Stored entries
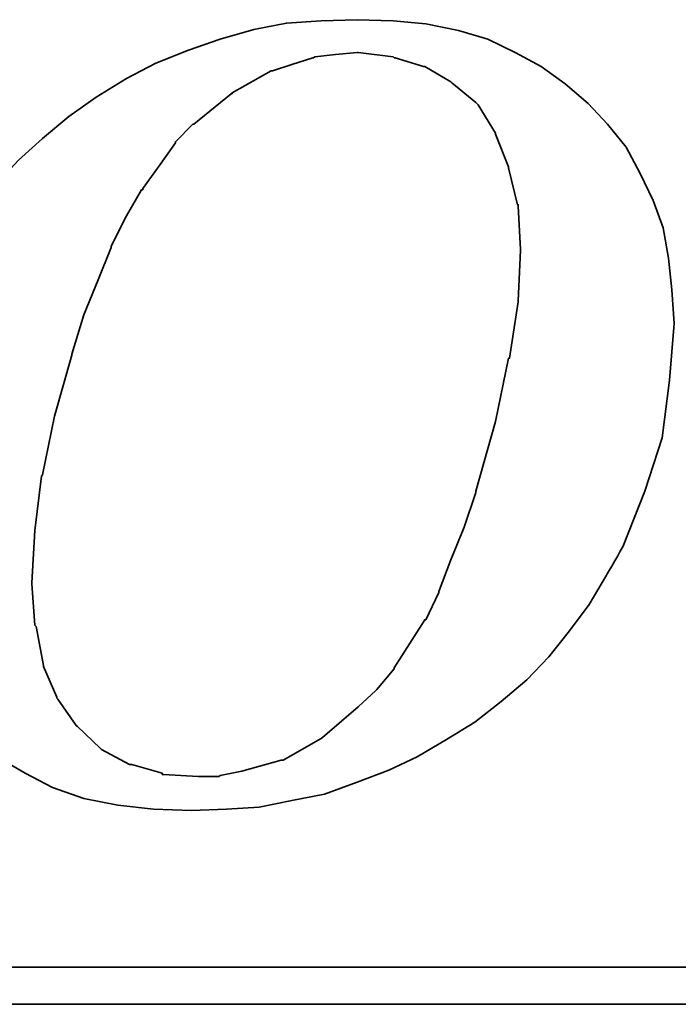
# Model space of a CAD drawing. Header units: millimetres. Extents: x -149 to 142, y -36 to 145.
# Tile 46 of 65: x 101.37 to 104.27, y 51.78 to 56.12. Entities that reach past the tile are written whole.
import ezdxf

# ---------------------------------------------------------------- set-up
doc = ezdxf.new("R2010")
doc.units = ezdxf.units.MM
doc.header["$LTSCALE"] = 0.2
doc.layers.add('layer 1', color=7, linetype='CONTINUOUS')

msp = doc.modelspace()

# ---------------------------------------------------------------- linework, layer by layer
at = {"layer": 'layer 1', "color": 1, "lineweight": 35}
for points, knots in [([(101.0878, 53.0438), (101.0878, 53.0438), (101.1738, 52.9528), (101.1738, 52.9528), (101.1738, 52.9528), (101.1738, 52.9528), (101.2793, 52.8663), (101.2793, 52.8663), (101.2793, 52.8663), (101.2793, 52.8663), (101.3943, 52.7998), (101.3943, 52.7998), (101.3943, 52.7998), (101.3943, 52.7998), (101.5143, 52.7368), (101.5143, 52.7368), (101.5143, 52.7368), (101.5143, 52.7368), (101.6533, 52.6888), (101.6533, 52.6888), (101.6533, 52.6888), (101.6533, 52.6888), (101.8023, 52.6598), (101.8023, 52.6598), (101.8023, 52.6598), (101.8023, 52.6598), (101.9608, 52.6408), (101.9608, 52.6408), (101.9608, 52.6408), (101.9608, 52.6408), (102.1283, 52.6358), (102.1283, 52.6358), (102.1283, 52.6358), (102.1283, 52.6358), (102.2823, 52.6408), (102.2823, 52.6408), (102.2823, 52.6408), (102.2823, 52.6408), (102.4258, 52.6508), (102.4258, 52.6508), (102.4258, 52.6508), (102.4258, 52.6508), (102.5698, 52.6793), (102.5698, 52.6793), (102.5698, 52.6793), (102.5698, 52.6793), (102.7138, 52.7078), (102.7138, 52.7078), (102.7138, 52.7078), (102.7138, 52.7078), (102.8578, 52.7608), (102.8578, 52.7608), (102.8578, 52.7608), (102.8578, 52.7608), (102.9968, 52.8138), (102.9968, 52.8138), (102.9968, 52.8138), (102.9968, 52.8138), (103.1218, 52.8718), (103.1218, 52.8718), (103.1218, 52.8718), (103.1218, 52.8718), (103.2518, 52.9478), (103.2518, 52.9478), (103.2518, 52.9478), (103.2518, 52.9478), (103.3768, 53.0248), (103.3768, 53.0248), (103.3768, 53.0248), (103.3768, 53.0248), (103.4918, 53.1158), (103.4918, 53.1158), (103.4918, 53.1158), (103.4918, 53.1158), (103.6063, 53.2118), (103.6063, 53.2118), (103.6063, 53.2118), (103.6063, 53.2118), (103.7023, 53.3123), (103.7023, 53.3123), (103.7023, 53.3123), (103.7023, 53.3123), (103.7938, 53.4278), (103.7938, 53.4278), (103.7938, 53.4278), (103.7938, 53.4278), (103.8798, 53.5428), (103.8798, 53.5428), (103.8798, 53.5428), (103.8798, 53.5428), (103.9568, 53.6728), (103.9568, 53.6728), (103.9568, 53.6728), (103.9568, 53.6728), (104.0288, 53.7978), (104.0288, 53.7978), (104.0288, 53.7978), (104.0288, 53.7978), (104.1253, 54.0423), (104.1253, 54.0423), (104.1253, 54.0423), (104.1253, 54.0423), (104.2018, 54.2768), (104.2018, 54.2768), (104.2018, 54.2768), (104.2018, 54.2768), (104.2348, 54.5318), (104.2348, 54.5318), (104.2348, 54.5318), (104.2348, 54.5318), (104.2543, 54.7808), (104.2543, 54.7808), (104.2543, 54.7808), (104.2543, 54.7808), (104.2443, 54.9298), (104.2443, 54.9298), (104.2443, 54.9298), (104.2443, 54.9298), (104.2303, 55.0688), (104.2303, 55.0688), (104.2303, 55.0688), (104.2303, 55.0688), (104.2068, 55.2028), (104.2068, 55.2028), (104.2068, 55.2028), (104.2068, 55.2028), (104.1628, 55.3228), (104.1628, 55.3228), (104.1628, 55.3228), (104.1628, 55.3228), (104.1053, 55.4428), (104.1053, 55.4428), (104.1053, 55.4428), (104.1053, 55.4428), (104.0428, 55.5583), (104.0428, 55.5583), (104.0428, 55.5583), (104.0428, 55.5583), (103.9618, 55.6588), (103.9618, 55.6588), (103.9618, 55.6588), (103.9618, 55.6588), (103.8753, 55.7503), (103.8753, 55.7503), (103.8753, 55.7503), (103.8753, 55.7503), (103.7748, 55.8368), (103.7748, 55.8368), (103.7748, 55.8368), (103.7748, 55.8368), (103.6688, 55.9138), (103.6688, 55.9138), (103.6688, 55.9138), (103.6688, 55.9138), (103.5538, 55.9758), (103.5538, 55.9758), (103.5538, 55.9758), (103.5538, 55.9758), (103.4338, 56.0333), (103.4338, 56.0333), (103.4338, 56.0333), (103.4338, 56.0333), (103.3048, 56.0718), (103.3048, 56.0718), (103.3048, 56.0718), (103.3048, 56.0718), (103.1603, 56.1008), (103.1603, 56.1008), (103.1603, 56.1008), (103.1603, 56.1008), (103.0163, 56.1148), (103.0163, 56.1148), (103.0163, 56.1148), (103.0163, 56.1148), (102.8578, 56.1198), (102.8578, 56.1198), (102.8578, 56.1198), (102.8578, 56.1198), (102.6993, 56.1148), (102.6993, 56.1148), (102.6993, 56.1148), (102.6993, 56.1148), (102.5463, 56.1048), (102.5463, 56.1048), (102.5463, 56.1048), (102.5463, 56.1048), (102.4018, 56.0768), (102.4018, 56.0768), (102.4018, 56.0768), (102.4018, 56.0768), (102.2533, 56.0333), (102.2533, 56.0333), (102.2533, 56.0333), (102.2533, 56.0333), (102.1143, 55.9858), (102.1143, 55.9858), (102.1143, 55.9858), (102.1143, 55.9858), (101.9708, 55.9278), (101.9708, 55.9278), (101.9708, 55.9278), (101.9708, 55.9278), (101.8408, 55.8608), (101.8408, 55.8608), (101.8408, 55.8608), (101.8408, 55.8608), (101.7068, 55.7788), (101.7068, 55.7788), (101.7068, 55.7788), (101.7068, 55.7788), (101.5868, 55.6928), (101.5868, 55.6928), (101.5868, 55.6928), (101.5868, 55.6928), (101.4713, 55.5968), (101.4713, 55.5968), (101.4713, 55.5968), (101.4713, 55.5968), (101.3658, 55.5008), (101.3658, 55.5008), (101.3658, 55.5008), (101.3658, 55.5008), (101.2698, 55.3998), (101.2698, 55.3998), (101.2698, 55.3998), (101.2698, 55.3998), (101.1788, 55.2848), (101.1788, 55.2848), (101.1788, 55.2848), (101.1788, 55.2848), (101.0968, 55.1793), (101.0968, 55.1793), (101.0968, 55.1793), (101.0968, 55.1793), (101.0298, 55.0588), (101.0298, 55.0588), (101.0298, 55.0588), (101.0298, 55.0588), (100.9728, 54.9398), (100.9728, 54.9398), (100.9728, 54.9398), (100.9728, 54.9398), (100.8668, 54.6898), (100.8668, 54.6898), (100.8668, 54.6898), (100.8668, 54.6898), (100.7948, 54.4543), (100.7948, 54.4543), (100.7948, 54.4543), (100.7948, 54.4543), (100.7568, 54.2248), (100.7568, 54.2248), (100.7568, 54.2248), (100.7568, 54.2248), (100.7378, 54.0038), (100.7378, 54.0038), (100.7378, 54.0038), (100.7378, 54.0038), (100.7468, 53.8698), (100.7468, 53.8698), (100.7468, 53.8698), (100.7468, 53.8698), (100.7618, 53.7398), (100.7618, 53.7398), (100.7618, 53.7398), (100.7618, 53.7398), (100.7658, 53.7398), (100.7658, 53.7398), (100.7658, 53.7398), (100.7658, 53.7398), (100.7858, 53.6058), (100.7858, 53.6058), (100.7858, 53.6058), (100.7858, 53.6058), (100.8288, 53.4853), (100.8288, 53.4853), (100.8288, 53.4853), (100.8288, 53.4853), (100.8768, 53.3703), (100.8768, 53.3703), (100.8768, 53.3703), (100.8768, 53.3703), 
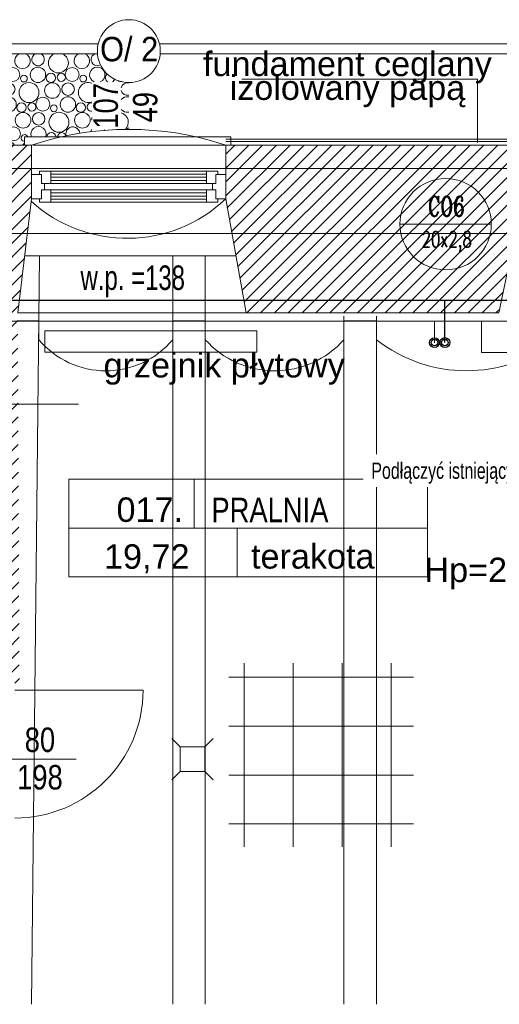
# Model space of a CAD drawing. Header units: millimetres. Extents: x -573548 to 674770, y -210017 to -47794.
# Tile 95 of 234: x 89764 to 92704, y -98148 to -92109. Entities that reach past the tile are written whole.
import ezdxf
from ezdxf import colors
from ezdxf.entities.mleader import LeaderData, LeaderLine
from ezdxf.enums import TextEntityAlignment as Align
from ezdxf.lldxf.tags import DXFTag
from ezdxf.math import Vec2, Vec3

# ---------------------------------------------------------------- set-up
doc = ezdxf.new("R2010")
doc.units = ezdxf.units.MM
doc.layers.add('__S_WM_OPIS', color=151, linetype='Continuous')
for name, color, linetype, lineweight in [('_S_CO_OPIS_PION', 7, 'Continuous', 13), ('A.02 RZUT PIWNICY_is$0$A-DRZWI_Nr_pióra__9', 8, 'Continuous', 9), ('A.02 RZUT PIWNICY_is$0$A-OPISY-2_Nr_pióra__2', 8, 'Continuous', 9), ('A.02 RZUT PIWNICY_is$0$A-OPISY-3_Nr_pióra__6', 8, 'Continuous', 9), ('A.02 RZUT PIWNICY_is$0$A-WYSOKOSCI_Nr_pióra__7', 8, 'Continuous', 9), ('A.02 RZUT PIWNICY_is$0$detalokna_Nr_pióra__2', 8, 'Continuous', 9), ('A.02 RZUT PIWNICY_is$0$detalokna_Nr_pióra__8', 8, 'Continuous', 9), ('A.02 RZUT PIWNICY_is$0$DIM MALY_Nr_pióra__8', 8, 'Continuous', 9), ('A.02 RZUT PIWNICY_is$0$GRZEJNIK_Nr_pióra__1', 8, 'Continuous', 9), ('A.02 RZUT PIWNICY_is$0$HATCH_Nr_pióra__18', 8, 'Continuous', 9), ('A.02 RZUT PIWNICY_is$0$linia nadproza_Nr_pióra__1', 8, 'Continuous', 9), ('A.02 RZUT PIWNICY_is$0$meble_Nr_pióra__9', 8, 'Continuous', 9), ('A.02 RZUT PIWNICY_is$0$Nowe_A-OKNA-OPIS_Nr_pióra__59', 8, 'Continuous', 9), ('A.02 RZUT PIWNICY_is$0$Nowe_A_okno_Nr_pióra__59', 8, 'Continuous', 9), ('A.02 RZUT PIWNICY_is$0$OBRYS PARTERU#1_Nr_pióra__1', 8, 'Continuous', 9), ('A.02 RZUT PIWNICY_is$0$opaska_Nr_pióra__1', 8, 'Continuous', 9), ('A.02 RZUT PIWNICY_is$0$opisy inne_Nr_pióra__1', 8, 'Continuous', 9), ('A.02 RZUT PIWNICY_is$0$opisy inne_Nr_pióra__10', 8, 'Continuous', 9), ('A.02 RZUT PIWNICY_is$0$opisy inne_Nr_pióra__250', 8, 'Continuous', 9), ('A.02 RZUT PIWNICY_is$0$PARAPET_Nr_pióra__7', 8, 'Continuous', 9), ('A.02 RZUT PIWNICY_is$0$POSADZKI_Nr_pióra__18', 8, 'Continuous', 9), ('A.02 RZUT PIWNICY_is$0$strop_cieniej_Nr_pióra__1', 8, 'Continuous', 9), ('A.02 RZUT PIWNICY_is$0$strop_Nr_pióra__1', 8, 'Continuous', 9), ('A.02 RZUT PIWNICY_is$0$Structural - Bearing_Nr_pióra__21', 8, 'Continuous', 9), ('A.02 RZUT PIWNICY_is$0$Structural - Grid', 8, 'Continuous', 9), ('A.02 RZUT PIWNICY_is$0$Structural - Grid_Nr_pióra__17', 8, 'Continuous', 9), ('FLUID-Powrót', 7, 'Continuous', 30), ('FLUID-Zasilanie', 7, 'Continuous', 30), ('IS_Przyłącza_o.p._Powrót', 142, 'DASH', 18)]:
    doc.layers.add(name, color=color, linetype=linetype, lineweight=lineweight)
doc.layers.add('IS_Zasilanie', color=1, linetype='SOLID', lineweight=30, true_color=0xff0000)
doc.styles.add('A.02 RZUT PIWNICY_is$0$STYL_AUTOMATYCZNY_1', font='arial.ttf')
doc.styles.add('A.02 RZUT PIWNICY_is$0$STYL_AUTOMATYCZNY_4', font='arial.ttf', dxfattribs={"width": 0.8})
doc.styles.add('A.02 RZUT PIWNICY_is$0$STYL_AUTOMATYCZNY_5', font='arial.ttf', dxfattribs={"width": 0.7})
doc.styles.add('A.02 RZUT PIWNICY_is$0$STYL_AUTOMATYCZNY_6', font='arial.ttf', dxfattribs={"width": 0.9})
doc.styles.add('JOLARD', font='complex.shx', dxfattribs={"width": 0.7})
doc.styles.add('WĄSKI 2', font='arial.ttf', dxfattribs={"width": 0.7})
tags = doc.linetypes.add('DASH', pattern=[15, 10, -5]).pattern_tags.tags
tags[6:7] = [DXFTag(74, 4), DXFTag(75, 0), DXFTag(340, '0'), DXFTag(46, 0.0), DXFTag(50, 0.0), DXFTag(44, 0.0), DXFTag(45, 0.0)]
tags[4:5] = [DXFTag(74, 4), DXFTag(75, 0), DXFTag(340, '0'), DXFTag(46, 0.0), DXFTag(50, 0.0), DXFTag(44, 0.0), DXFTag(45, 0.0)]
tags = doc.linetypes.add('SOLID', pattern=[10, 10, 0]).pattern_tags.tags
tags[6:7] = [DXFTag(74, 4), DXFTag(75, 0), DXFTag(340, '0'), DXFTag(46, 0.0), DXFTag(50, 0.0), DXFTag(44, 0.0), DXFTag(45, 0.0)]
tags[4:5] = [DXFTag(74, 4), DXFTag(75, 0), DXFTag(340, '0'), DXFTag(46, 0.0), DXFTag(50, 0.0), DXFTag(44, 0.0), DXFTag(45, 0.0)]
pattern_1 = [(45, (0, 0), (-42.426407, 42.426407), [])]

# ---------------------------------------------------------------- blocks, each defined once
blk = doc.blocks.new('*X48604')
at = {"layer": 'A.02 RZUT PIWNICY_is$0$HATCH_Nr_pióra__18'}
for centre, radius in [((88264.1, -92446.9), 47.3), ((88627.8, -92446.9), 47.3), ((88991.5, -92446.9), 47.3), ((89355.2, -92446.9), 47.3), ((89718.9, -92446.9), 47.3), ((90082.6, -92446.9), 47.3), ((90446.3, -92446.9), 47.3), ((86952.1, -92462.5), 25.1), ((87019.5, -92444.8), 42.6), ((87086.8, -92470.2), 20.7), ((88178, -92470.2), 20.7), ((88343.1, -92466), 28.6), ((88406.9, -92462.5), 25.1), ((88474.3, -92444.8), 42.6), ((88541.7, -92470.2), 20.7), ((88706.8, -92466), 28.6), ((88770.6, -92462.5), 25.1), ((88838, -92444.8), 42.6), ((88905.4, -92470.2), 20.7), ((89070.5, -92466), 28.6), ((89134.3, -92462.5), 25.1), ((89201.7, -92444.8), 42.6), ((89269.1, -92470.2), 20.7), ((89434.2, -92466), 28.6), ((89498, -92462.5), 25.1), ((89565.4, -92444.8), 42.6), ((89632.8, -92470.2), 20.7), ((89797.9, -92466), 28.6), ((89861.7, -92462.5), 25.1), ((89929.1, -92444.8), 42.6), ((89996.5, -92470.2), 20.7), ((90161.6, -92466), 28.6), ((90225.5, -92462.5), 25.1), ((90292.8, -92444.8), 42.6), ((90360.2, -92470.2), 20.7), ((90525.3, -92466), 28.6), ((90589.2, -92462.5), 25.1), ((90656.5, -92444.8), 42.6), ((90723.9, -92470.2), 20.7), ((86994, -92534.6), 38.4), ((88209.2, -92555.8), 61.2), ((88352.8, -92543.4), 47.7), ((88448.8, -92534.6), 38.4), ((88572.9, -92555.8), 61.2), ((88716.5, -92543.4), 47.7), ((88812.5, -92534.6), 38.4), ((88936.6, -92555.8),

**Instructions to follow:**
Pull every line containing "drawing" from the entries above and copy it.

**Answer for the task:**
# Model space of a CAD drawing. Header units: millimetres. Extents: x -149 to 142, y -36 to 145.
# Model space of a CAD drawing. Header units: millimetres. Extents: x -573548 to 674770, y -210017 to -47794.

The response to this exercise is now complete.